* **TASK INPUTS**
%%

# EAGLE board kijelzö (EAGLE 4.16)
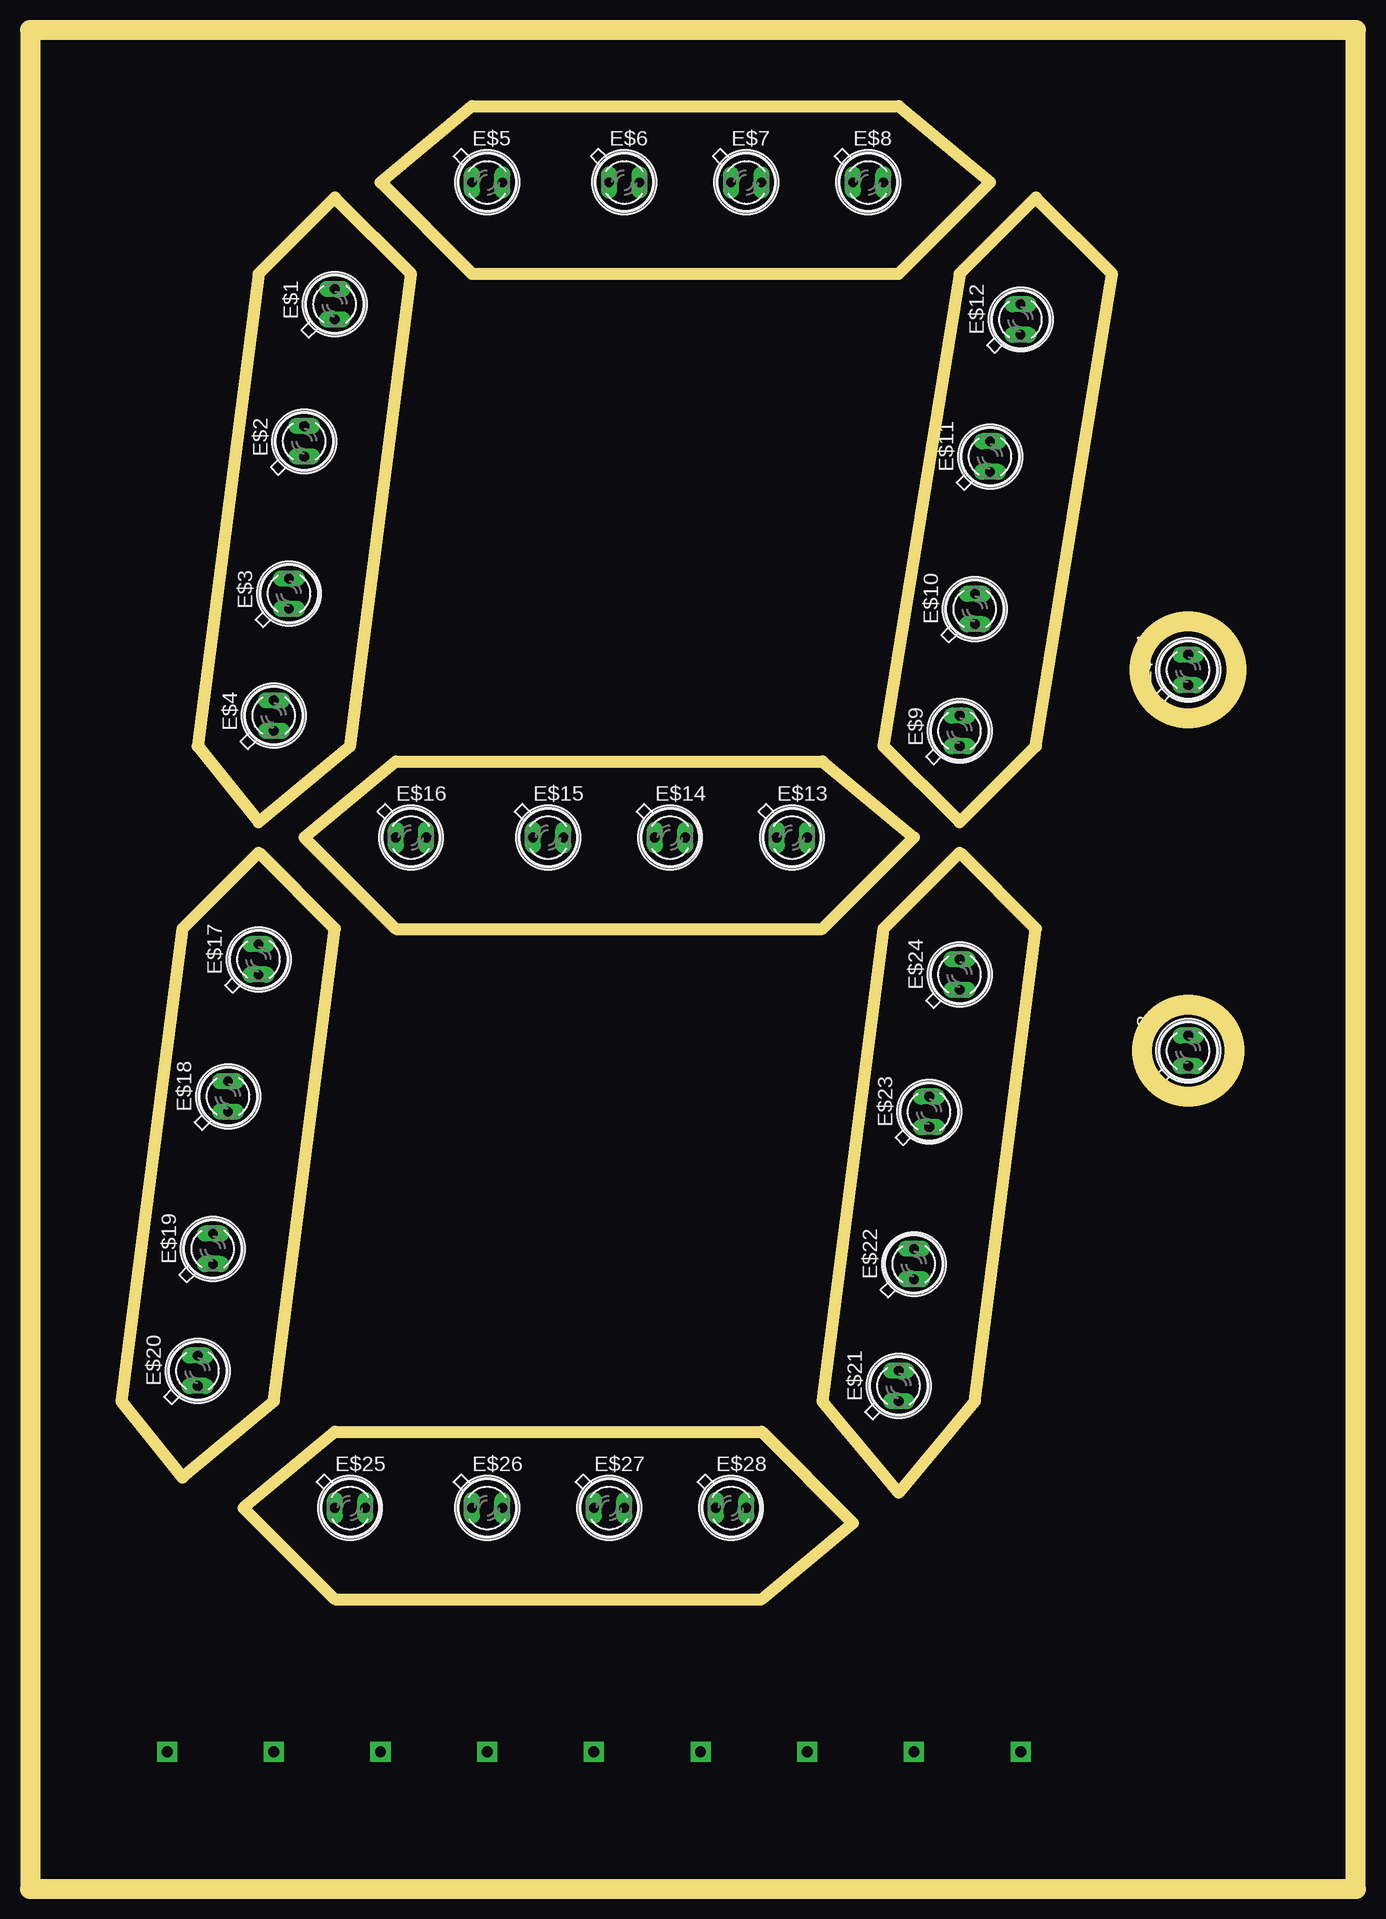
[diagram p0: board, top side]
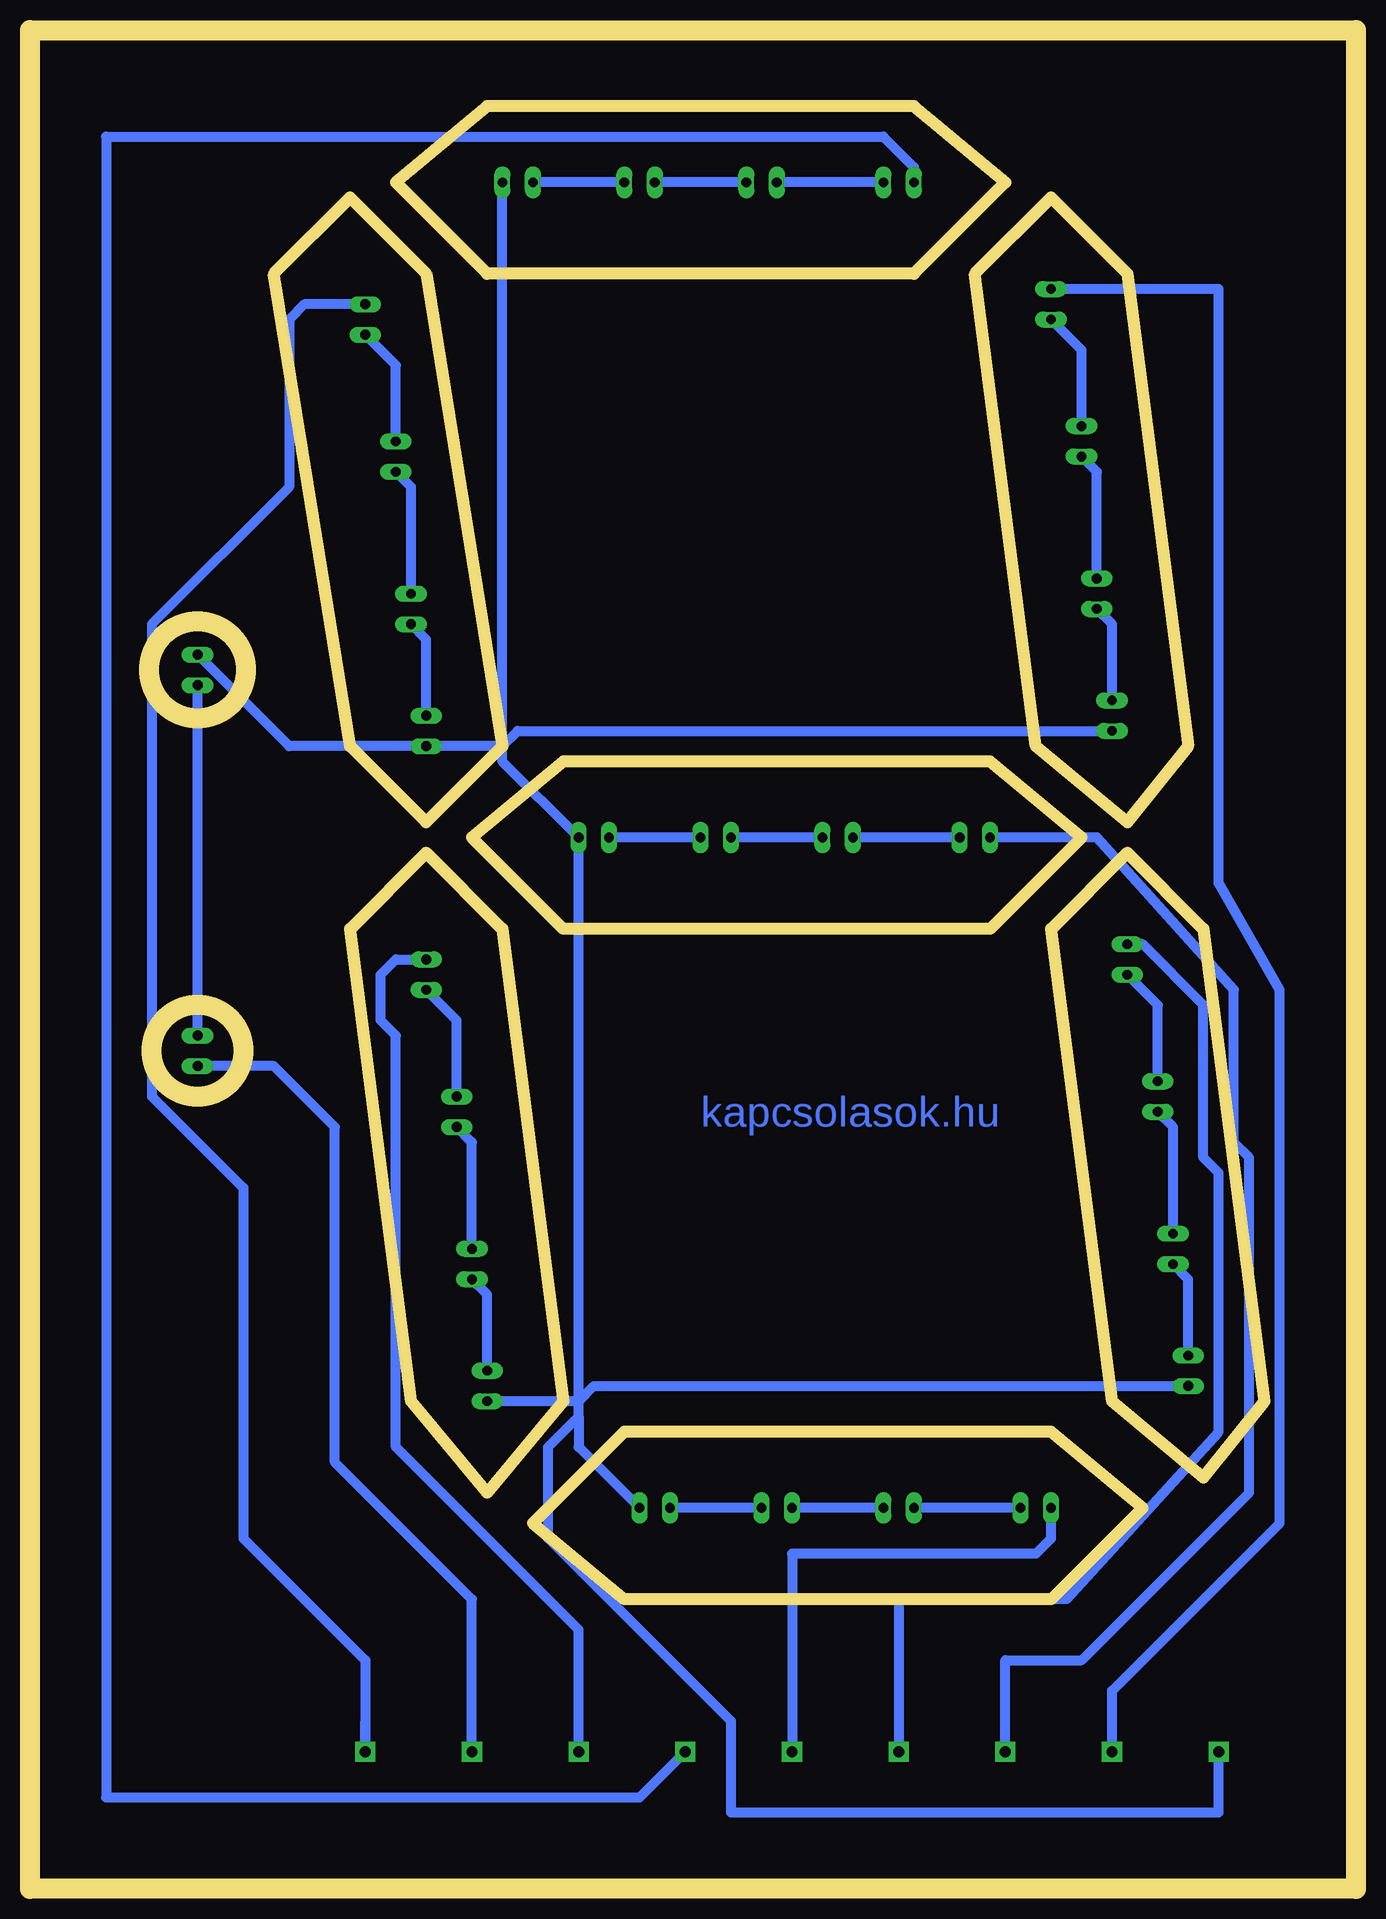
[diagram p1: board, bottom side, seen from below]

Size 110.49 x 154.94 mm. Coordinates in mm from the lower left corner, seen from the top.
Outline: 20.32,40.64 25.4,80.01 19.05,86.36 12.7,80.01 7.62,40.64 12.7,34.29 20.32,40.64
Outline: 26.67,95.25 31.75,134.62 25.4,140.97 19.05,134.62 13.97,95.25 19.05,88.9 26.67,95.25
Outline: 30.48,93.98 22.86,87.63 30.48,80.01 66.04,80.01 73.66,87.63 66.04,93.98 30.48,93.98
Outline: 78.74,40.64 83.82,80.01 77.47,86.36 71.12,80.01 66.04,40.64 72.39,33.02 78.74,40.64
Outline: 83.82,95.25 90.17,134.62 83.82,140.97 77.47,134.62 71.12,95.25 77.47,88.9 83.82,95.25
Outline: 36.83,148.59 29.21,142.24 36.83,134.62 72.39,134.62 80.01,142.24 72.39,148.59 36.83,148.59
Outline: 25.4,38.1 17.78,31.75 25.4,24.13 60.96,24.13 68.58,30.48 60.96,38.1 25.4,38.1
Outline: 0,0 110.49,0 110.49,154.94 0,154.94 0,0
Outline: circle at 96.52,101.6 radius 4.02
Outline: circle at 96.52,69.85 radius 3.81
Copper layers (1*16): Top 0.035mm / dielectric 1.5mm / Bottom 0.035mm
Design rules "default": minimum track width 10mil, minimum drill 24mil, track to track 8mil, track to pad 8mil, pad to pad 8mil, via to via 8mil, smd to smd 8mil, copper to edge 40mil, drill to drill 8mil, minimum pad ring 10mil, minimum via ring 8mil, stop-mask expansion 4mil, vias tented up to drill 0mil, thermal gap 10mil

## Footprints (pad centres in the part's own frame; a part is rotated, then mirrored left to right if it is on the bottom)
SFH480 = drill 0.813 long: A 1.27,0; K -1.27,0

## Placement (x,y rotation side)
E$1  [SFH480]  25.4,132.08 90 top
E$2  [SFH480]  22.86,120.65 90 top
E$3  [SFH480]  21.59,107.95 90 top
E$4  [SFH480]  20.32,97.79 90 top
E$5  [SFH480]  38.1,142.24 0 top
E$6  [SFH480]  49.53,142.24 0 top
E$7  [SFH480]  59.69,142.24 0 top
E$8  [SFH480]  69.85,142.24 0 top
E$9  [SFH480]  77.47,96.52 90 top
E$10  [SFH480]  78.74,106.68 90 top
E$11  [SFH480]  80.01,119.38 90 top
E$12  [SFH480]  82.55,130.81 90 top
E$13  [SFH480]  63.5,87.63 0 top
E$14  [SFH480]  53.34,87.63 0 top
E$15  [SFH480]  43.18,87.63 0 top
E$16  [SFH480]  31.75,87.63 0 top
E$17  [SFH480]  19.05,77.47 90 top
E$18  [SFH480]  16.51,66.04 90 top
E$19  [SFH480]  15.24,53.34 90 top
E$20  [SFH480]  13.97,43.18 90 top
E$21  [SFH480]  72.39,41.91 90 top
E$22  [SFH480]  73.66,52.07 90 top
E$23  [SFH480]  74.93,64.77 90 top
E$24  [SFH480]  77.47,76.2 90 top
E$25  [SFH480]  26.67,31.75 0 top
E$26  [SFH480]  38.1,31.75 0 top
E$27  [SFH480]  48.26,31.75 0 top
E$28  [SFH480]  58.42,31.75 0 top
E$33  [SFH480]  96.52,69.85 90 top
E$34  [SFH480]  96.52,101.6 90 top

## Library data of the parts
E$1-E$28 E$33 E$34 = led

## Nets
S$23: E$33.A E$34.K
S$28: E$33.K
S$37: E$12.A

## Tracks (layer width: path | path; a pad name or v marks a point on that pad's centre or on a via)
S$1
  Bottom 0.813: 27.94,31.75 36.83,31.75
S$2
  Bottom 0.813: 39.37,31.75 46.99,31.75
S$3
  Bottom 0.813: 49.53,31.75 57.15,31.75
S$4
  Bottom 0.813: 33.02,87.63 41.91,87.63
S$5
  Bottom 0.813: 44.45,87.63 52.07,87.63
S$6
  Bottom 0.813: 54.61,87.63 62.23,87.63
S$7
  Bottom 0.813: 39.37,142.24 48.26,142.24
S$8
  Bottom 0.813: 50.8,142.24 58.42,142.24
S$9
  Bottom 0.813: 60.96,142.24 68.58,142.24
S$10
  Bottom 0.813: 77.47,97.79 77.47,104.14 78.74,105.41
S$11
  Bottom 0.813: 78.74,107.95 78.74,116.84 80.01,118.11
S$12
  Bottom 0.813: 80.01,120.65 80.01,127 82.55,129.54
S$13
  Bottom 0.813: 20.32,99.06 20.32,105.41 21.59,106.68
S$14
  Bottom 0.813: 21.59,109.22 21.59,118.11 22.86,119.38
S$15
  Bottom 0.813: 22.86,121.92 22.86,128.27 25.4,130.81
S$16
  Bottom 0.813: 13.97,44.45 13.97,50.8 15.24,52.07
S$17
  Bottom 0.813: 15.24,54.61 15.24,63.5 16.51,64.77
S$18
  Bottom 0.813: 16.51,67.31 16.51,73.66 19.05,76.2
S$19
  Bottom 0.813: 72.39,43.18 72.39,49.53 73.66,50.8
S$20
  Bottom 0.813: 73.66,53.34 73.66,62.23 74.93,63.5
S$21
  Bottom 0.813: 74.93,66.04 74.93,72.39 77.47,74.93
S$22  (via drill 0.9 pad 1.68)
  Bottom 0.813: 71.12,95.25 71.12,142.24 | 71.12,95.25 71.12,93.98 64.77,87.63 64.77,40.64 | 64.77,39.37 64.77,40.64 | 64.77,39.37 64.77,36.83 59.69,31.75 | 64.77,40.64 72.39,40.64 | 20.32,96.52 69.85,96.52 71.12,95.25 | 13.97,41.91 63.5,41.91 64.77,40.64 | 71.12,95.25 88.9,95.25 96.52,102.87 | v11.43,11.43 11.43,6.35 52.07,6.35 52.07,13.97 67.31,29.21 67.31,36.83 64.77,39.37
S$23
  Bottom 0.813: E$33.A E$34.K
S$25  (via drill 0.9 pad 1.68)
  Bottom 0.813: 25.4,133.35 11.43,133.35 11.43,83.82 6.35,74.93 6.35,30.48 20.32,16.51 v20.32,11.43
S$26  (via drill 0.9 pad 1.68)
  Bottom 0.813: 30.48,87.63 21.59,87.63 10.16,74.93 10.16,62.23 8.89,60.96 8.89,33.02 22.86,19.05 29.21,19.05 v29.21,11.43
S$27  (via drill 0.9 pad 1.68)
  Bottom 0.813: v38.1,11.43 38.1,24.13 24.13,24.13 11.43,38.1 11.43,59.69 12.7,60.96 12.7,73.66 17.78,78.74 19.05,78.74
S$28  (via drill 0.9 pad 1.68)
  Bottom 0.813: v73.66,11.43 73.66,24.13 85.09,35.56 85.09,63.5 90.17,68.58 E$33.K
S$29  (via drill 0.9 pad 1.68)
  Bottom 0.813: v46.99,11.43 46.99,27.94 26.67,27.94 25.4,29.21 25.4,31.75
S$30  (via drill 0.9 pad 1.68)
  Bottom 0.813: 77.47,77.47 80.01,77.47 81.28,76.2 81.28,72.39 80.01,71.12 80.01,36.83 64.77,21.59 v64.77,11.43
S$31  (via drill 0.9 pad 1.68)
  Bottom 0.813: 36.83,142.24 36.83,143.51 39.37,146.05 104.14,146.05 104.14,7.62 59.69,7.62 v55.88,11.43
S$37  (via drill 0.9 pad 1.68)
  Bottom 0.813: 82.55,13.97 v82.55,11.43 82.55,19.05 92.71,29.21 92.71,58.42 100.33,66.04 100.33,105.41 88.9,116.84 88.9,130.81 87.63,132.08 E$12.A

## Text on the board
Bottom: kapcsolasok.hu

%%

* **BRIEF**
Begin at the first line of the listing and print each line exactly. Stop after the line containing "Outline: 26.67,95.25 31.75,134.62", and omit all pictures.

* **THE COMPLETED TASK**
# EAGLE board kijelzö (EAGLE 4.16)
[diagram p0: board, top side]
[diagram p1: board, bottom side, seen from below]

Size 110.49 x 154.94 mm. Coordinates in mm from the lower left corner, seen from the top.
Outline: 20.32,40.64 25.4,80.01 19.05,86.36 12.7,80.01 7.62,40.64 12.7,34.29 20.32,40.64
Outline: 26.67,95.25 31.75,134.62 25.4,140.97 19.05,134.62 13.97,95.25 19.05,88.9 26.67,95.25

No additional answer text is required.